Your answer should be every line of the records that contains the word "Engineering", copied as it stands.

> **DATA TO USE**:
>>>
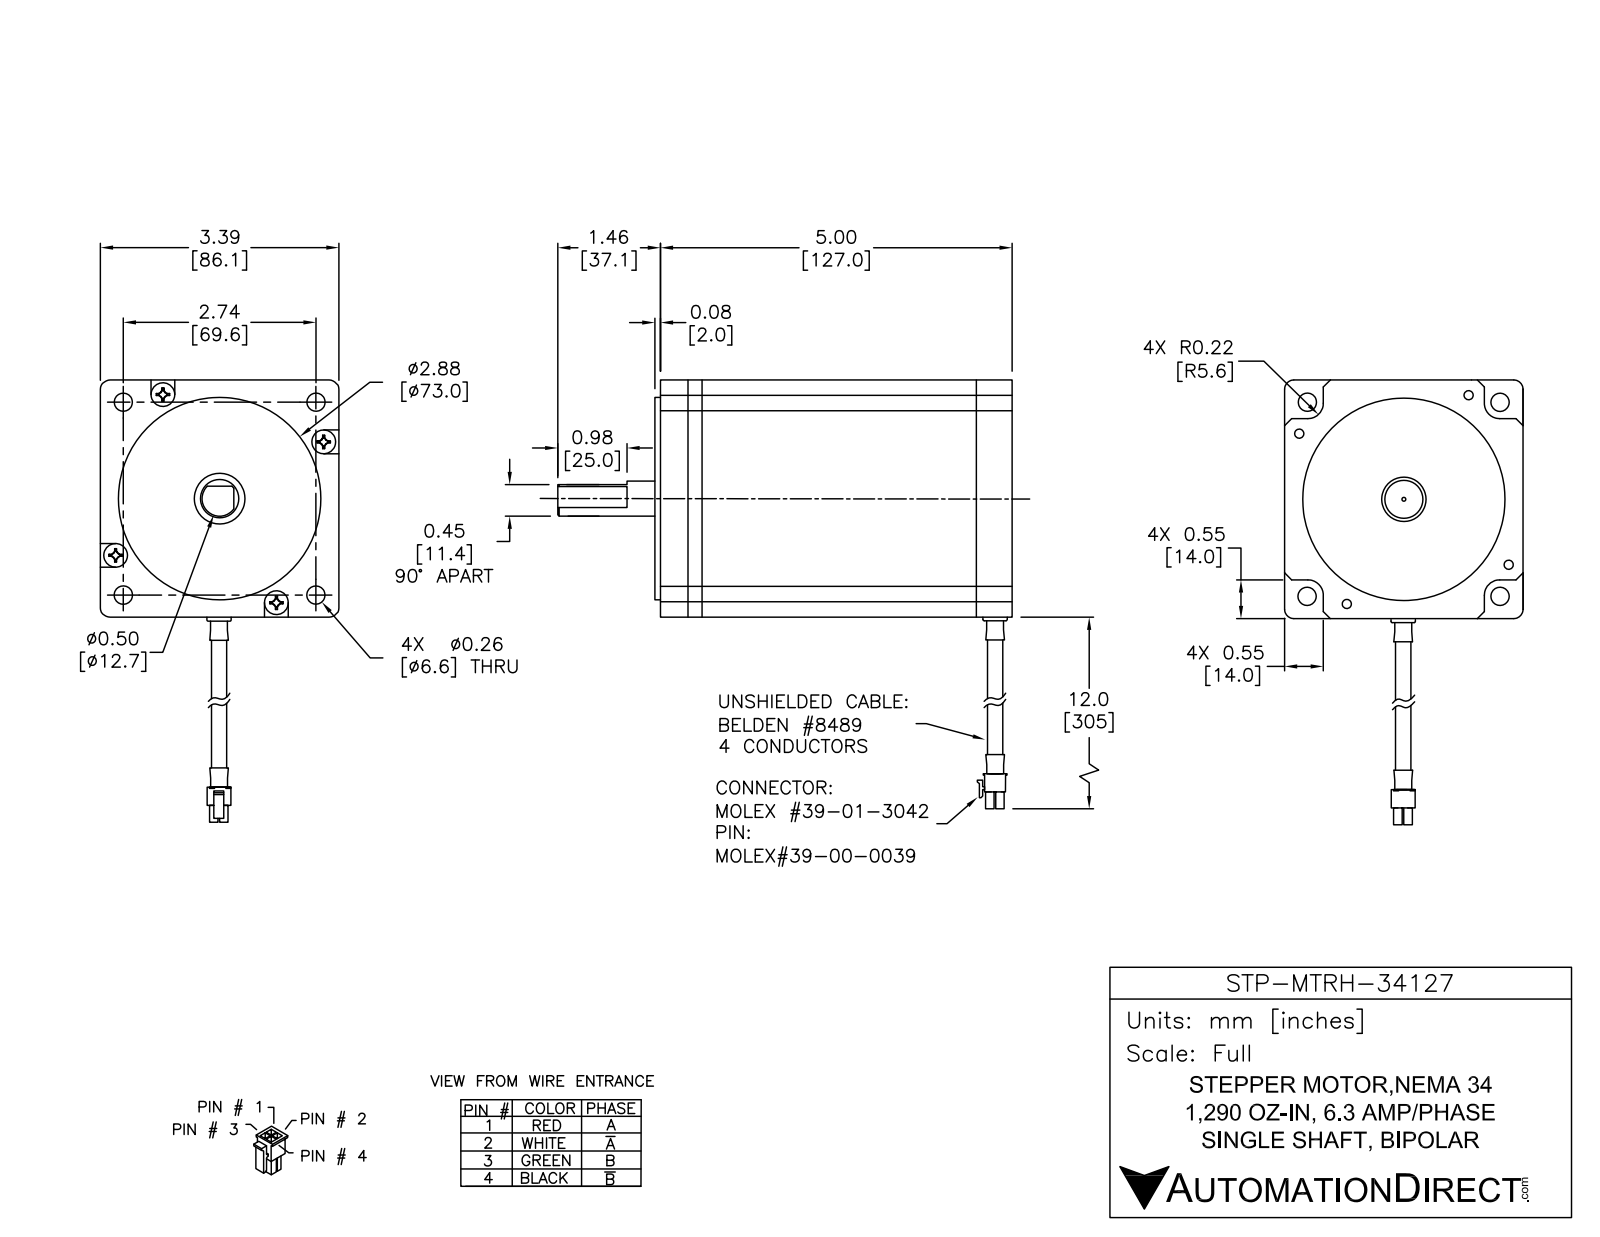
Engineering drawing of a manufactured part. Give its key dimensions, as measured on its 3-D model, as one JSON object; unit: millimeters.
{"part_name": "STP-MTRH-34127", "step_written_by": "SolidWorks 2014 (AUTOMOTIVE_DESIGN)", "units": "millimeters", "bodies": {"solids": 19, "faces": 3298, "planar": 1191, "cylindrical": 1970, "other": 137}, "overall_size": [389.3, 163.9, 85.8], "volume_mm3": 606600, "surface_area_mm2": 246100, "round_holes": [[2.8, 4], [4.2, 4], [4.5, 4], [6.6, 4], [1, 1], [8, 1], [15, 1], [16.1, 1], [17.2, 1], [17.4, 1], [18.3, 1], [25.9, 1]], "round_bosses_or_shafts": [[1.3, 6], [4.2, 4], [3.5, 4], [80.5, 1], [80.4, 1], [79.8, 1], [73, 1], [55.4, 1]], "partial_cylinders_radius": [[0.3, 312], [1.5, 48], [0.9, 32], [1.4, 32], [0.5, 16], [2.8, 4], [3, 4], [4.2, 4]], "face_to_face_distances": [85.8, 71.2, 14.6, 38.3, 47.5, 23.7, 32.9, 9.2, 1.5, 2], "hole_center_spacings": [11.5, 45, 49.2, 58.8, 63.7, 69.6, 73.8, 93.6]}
<<<
>>>
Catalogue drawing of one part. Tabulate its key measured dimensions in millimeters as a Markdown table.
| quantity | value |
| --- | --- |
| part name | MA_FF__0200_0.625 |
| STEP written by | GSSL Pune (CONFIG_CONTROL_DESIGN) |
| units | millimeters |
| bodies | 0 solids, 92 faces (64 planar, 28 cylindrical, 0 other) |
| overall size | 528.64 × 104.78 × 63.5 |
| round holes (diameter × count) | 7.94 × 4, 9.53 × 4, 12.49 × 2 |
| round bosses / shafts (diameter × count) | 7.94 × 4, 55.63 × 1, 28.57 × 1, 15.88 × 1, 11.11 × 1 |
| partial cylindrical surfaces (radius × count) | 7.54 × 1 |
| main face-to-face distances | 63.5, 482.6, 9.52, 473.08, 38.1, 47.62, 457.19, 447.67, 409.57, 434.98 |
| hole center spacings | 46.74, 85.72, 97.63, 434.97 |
<<<
>>>
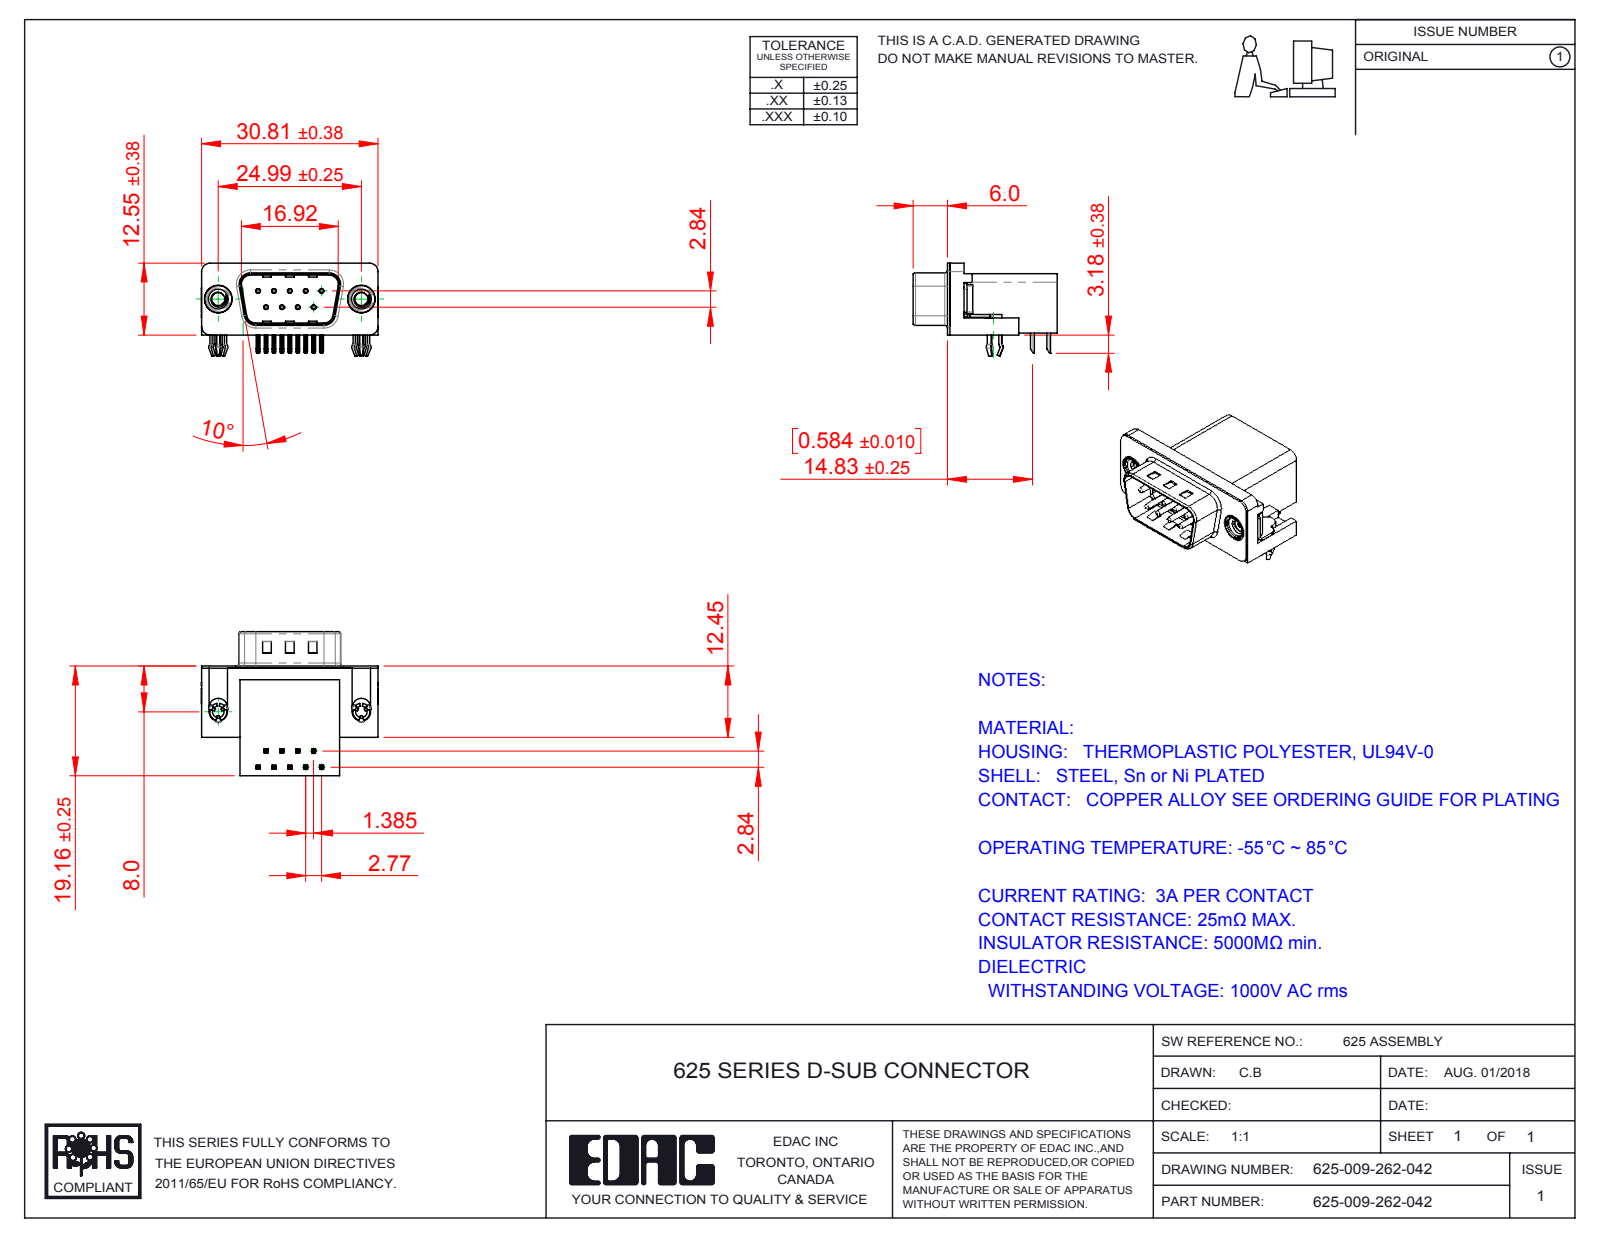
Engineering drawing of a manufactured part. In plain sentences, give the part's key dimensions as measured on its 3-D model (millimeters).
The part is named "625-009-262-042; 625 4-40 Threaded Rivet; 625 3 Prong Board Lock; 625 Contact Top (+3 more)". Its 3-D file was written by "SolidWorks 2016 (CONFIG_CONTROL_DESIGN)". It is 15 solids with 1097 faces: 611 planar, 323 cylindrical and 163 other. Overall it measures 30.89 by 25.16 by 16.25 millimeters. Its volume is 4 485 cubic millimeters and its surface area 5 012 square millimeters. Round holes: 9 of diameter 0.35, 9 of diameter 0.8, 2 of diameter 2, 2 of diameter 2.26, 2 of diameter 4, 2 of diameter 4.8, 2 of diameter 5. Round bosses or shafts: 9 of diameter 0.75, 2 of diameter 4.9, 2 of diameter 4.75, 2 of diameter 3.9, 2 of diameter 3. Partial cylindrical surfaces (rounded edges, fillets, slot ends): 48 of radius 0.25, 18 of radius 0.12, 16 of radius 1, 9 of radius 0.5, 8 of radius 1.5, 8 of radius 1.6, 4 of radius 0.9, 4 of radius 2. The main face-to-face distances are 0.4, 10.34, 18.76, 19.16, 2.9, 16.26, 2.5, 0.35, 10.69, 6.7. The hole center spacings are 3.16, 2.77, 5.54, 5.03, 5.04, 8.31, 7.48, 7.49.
<<<
> **EXPECTED ANSWER**:
Engineering drawing of a manufactured part. Give its key dimensions, as measured on its 3-D model, as one JSON object; unit: millimeters.
Engineering drawing of a manufactured part. In plain sentences, give the part's key dimensions as measured on its 3-D model (millimeters).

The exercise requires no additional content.